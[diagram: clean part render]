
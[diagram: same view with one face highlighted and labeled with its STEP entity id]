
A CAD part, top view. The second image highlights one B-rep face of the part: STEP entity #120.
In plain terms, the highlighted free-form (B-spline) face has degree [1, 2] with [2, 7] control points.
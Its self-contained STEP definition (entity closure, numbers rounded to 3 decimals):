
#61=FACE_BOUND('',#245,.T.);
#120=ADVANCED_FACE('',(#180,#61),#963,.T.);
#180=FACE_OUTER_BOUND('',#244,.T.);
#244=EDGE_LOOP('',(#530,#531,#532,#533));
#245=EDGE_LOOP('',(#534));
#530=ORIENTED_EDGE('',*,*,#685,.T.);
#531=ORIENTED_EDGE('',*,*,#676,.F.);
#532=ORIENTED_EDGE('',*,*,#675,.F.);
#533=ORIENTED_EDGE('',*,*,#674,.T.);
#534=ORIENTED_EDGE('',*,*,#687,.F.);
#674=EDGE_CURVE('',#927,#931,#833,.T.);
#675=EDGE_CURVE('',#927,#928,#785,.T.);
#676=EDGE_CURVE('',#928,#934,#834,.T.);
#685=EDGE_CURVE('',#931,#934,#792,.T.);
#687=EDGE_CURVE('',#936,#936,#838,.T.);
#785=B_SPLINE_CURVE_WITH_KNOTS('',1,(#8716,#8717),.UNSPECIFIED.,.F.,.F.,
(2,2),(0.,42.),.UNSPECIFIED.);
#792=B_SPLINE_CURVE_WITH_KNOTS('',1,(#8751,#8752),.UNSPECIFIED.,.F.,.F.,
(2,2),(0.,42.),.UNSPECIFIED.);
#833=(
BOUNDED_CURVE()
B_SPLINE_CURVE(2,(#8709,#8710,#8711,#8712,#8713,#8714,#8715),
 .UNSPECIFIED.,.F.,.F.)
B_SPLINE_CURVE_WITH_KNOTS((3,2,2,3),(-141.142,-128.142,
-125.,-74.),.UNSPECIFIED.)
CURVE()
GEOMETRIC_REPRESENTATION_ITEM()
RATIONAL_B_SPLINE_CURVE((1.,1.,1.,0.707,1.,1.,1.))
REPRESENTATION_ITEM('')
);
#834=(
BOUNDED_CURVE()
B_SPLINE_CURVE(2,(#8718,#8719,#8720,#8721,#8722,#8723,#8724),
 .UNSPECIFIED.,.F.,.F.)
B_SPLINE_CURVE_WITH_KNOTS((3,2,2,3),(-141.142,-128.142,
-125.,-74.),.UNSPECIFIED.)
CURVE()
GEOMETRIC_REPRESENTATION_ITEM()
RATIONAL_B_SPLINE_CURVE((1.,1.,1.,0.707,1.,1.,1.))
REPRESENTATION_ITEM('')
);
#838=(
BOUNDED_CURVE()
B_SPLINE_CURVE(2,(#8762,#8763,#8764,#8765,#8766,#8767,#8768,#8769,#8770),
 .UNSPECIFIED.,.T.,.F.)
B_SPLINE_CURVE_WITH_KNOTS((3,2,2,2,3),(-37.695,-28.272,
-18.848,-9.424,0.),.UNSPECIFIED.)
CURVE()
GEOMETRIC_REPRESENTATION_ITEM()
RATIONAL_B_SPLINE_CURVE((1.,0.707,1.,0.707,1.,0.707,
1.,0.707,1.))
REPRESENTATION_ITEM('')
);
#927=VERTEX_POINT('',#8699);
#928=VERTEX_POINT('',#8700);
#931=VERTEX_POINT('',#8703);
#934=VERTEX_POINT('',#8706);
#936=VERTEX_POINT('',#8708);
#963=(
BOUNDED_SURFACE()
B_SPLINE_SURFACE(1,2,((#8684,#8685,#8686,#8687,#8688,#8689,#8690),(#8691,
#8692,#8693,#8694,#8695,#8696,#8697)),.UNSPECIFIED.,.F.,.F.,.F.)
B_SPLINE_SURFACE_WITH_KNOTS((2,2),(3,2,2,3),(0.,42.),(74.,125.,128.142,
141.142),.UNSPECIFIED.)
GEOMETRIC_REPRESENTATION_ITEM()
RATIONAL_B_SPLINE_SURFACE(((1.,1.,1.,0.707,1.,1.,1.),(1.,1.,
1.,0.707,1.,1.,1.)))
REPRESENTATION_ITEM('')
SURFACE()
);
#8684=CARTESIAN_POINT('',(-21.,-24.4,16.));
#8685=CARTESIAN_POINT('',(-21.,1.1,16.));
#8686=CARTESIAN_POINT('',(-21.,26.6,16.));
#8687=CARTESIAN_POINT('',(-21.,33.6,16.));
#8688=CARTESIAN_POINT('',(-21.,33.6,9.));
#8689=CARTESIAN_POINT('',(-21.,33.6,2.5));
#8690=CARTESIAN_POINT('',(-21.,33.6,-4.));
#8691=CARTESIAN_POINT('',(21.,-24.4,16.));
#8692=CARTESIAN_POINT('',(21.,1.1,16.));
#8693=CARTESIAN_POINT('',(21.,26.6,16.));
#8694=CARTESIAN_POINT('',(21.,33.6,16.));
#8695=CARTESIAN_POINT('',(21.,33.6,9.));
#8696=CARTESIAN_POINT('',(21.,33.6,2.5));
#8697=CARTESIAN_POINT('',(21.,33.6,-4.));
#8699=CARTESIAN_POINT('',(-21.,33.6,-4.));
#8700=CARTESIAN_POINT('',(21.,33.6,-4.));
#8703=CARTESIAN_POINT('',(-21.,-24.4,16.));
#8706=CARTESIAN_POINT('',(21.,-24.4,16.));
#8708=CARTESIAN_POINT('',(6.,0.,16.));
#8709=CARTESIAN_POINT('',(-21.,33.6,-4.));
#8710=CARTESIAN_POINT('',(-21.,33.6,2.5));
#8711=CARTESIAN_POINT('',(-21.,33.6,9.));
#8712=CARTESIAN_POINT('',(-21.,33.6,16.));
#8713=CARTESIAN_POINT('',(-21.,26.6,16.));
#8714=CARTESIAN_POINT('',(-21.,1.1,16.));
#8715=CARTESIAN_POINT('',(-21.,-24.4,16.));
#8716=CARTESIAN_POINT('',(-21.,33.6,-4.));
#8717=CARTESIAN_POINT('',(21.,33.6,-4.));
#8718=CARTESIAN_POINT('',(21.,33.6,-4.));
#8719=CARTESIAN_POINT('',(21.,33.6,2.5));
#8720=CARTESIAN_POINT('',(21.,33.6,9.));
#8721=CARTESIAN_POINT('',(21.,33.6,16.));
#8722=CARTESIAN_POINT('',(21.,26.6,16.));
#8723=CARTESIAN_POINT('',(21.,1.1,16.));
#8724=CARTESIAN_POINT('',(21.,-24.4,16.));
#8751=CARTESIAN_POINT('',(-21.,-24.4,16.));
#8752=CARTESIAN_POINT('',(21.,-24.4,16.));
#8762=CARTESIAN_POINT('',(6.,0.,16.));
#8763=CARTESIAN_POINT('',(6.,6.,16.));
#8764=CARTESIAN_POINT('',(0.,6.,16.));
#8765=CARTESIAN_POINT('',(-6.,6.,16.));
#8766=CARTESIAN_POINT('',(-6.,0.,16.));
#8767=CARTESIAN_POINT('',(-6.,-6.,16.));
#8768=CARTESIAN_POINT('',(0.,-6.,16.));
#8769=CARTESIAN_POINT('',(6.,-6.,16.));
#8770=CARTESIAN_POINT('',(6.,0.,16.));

> **PROMPT**:
Print the records above in full, exactly.

> **WRITTEN RESPONSE**:
[diagram: clean part render]
[diagram: same view with one face highlighted and labeled with its STEP entity id]
A CAD part, top view. The second image highlights one B-rep face of the part: STEP entity #120.
In plain terms, the highlighted free-form (B-spline) face has degree [1, 2] with [2, 7] control points.
Its self-contained STEP definition (entity closure, numbers rounded to 3 decimals):
#61=FACE_BOUND('',#245,.T.);
#120=ADVANCED_FACE('',(#180,#61),#963,.T.);
#180=FACE_OUTER_BOUND('',#244,.T.);
#244=EDGE_LOOP('',(#530,#531,#532,#533));
#245=EDGE_LOOP('',(#534));
#530=ORIENTED_EDGE('',*,*,#685,.T.);
#531=ORIENTED_EDGE('',*,*,#676,.F.);
#532=ORIENTED_EDGE('',*,*,#675,.F.);
#533=ORIENTED_EDGE('',*,*,#674,.T.);
#534=ORIENTED_EDGE('',*,*,#687,.F.);
#674=EDGE_CURVE('',#927,#931,#833,.T.);
#675=EDGE_CURVE('',#927,#928,#785,.T.);
#676=EDGE_CURVE('',#928,#934,#834,.T.);
#685=EDGE_CURVE('',#931,#934,#792,.T.);
#687=EDGE_CURVE('',#936,#936,#838,.T.);
#785=B_SPLINE_CURVE_WITH_KNOTS('',1,(#8716,#8717),.UNSPECIFIED.,.F.,.F.,
(2,2),(0.,42.),.UNSPECIFIED.);
#792=B_SPLINE_CURVE_WITH_KNOTS('',1,(#8751,#8752),.UNSPECIFIED.,.F.,.F.,
(2,2),(0.,42.),.UNSPECIFIED.);
#833=(
BOUNDED_CURVE()
B_SPLINE_CURVE(2,(#8709,#8710,#8711,#8712,#8713,#8714,#8715),
 .UNSPECIFIED.,.F.,.F.)
B_SPLINE_CURVE_WITH_KNOTS((3,2,2,3),(-141.142,-128.142,
-125.,-74.),.UNSPECIFIED.)
CURVE()
GEOMETRIC_REPRESENTATION_ITEM()
RATIONAL_B_SPLINE_CURVE((1.,1.,1.,0.707,1.,1.,1.))
REPRESENTATION_ITEM('')
);
#834=(
BOUNDED_CURVE()
B_SPLINE_CURVE(2,(#8718,#8719,#8720,#8721,#8722,#8723,#8724),
 .UNSPECIFIED.,.F.,.F.)
B_SPLINE_CURVE_WITH_KNOTS((3,2,2,3),(-141.142,-128.142,
-125.,-74.),.UNSPECIFIED.)
CURVE()
GEOMETRIC_REPRESENTATION_ITEM()
RATIONAL_B_SPLINE_CURVE((1.,1.,1.,0.707,1.,1.,1.))
REPRESENTATION_ITEM('')
);
#838=(
BOUNDED_CURVE()
B_SPLINE_CURVE(2,(#8762,#8763,#8764,#8765,#8766,#8767,#8768,#8769,#8770),
 .UNSPECIFIED.,.T.,.F.)
B_SPLINE_CURVE_WITH_KNOTS((3,2,2,2,3),(-37.695,-28.272,
-18.848,-9.424,0.),.UNSPECIFIED.)
CURVE()
GEOMETRIC_REPRESENTATION_ITEM()
RATIONAL_B_SPLINE_CURVE((1.,0.707,1.,0.707,1.,0.707,
1.,0.707,1.))
REPRESENTATION_ITEM('')
);
#927=VERTEX_POINT('',#8699);
#928=VERTEX_POINT('',#8700);
#931=VERTEX_POINT('',#8703);
#934=VERTEX_POINT('',#8706);
#936=VERTEX_POINT('',#8708);
#963=(
BOUNDED_SURFACE()
B_SPLINE_SURFACE(1,2,((#8684,#8685,#8686,#8687,#8688,#8689,#8690),(#8691,
#8692,#8693,#8694,#8695,#8696,#8697)),.UNSPECIFIED.,.F.,.F.,.F.)
B_SPLINE_SURFACE_WITH_KNOTS((2,2),(3,2,2,3),(0.,42.),(74.,125.,128.142,
141.142),.UNSPECIFIED.)
GEOMETRIC_REPRESENTATION_ITEM()
RATIONAL_B_SPLINE_SURFACE(((1.,1.,1.,0.707,1.,1.,1.),(1.,1.,
1.,0.707,1.,1.,1.)))
REPRESENTATION_ITEM('')
SURFACE()
);
#8684=CARTESIAN_POINT('',(-21.,-24.4,16.));
#8685=CARTESIAN_POINT('',(-21.,1.1,16.));
#8686=CARTESIAN_POINT('',(-21.,26.6,16.));
#8687=CARTESIAN_POINT('',(-21.,33.6,16.));
#8688=CARTESIAN_POINT('',(-21.,33.6,9.));
#8689=CARTESIAN_POINT('',(-21.,33.6,2.5));
#8690=CARTESIAN_POINT('',(-21.,33.6,-4.));
#8691=CARTESIAN_POINT('',(21.,-24.4,16.));
#8692=CARTESIAN_POINT('',(21.,1.1,16.));
#8693=CARTESIAN_POINT('',(21.,26.6,16.));
#8694=CARTESIAN_POINT('',(21.,33.6,16.));
#8695=CARTESIAN_POINT('',(21.,33.6,9.));
#8696=CARTESIAN_POINT('',(21.,33.6,2.5));
#8697=CARTESIAN_POINT('',(21.,33.6,-4.));
#8699=CARTESIAN_POINT('',(-21.,33.6,-4.));
#8700=CARTESIAN_POINT('',(21.,33.6,-4.));
#8703=CARTESIAN_POINT('',(-21.,-24.4,16.));
#8706=CARTESIAN_POINT('',(21.,-24.4,16.));
#8708=CARTESIAN_POINT('',(6.,0.,16.));
#8709=CARTESIAN_POINT('',(-21.,33.6,-4.));
#8710=CARTESIAN_POINT('',(-21.,33.6,2.5));
#8711=CARTESIAN_POINT('',(-21.,33.6,9.));
#8712=CARTESIAN_POINT('',(-21.,33.6,16.));
#8713=CARTESIAN_POINT('',(-21.,26.6,16.));
#8714=CARTESIAN_POINT('',(-21.,1.1,16.));
#8715=CARTESIAN_POINT('',(-21.,-24.4,16.));
#8716=CARTESIAN_POINT('',(-21.,33.6,-4.));
#8717=CARTESIAN_POINT('',(21.,33.6,-4.));
#8718=CARTESIAN_POINT('',(21.,33.6,-4.));
#8719=CARTESIAN_POINT('',(21.,33.6,2.5));
#8720=CARTESIAN_POINT('',(21.,33.6,9.));
#8721=CARTESIAN_POINT('',(21.,33.6,16.));
#8722=CARTESIAN_POINT('',(21.,26.6,16.));
#8723=CARTESIAN_POINT('',(21.,1.1,16.));
#8724=CARTESIAN_POINT('',(21.,-24.4,16.));
#8751=CARTESIAN_POINT('',(-21.,-24.4,16.));
#8752=CARTESIAN_POINT('',(21.,-24.4,16.));
#8762=CARTESIAN_POINT('',(6.,0.,16.));
#8763=CARTESIAN_POINT('',(6.,6.,16.));
#8764=CARTESIAN_POINT('',(0.,6.,16.));
#8765=CARTESIAN_POINT('',(-6.,6.,16.));
#8766=CARTESIAN_POINT('',(-6.,0.,16.));
#8767=CARTESIAN_POINT('',(-6.,-6.,16.));
#8768=CARTESIAN_POINT('',(0.,-6.,16.));
#8769=CARTESIAN_POINT('',(6.,-6.,16.));
#8770=CARTESIAN_POINT('',(6.,0.,16.));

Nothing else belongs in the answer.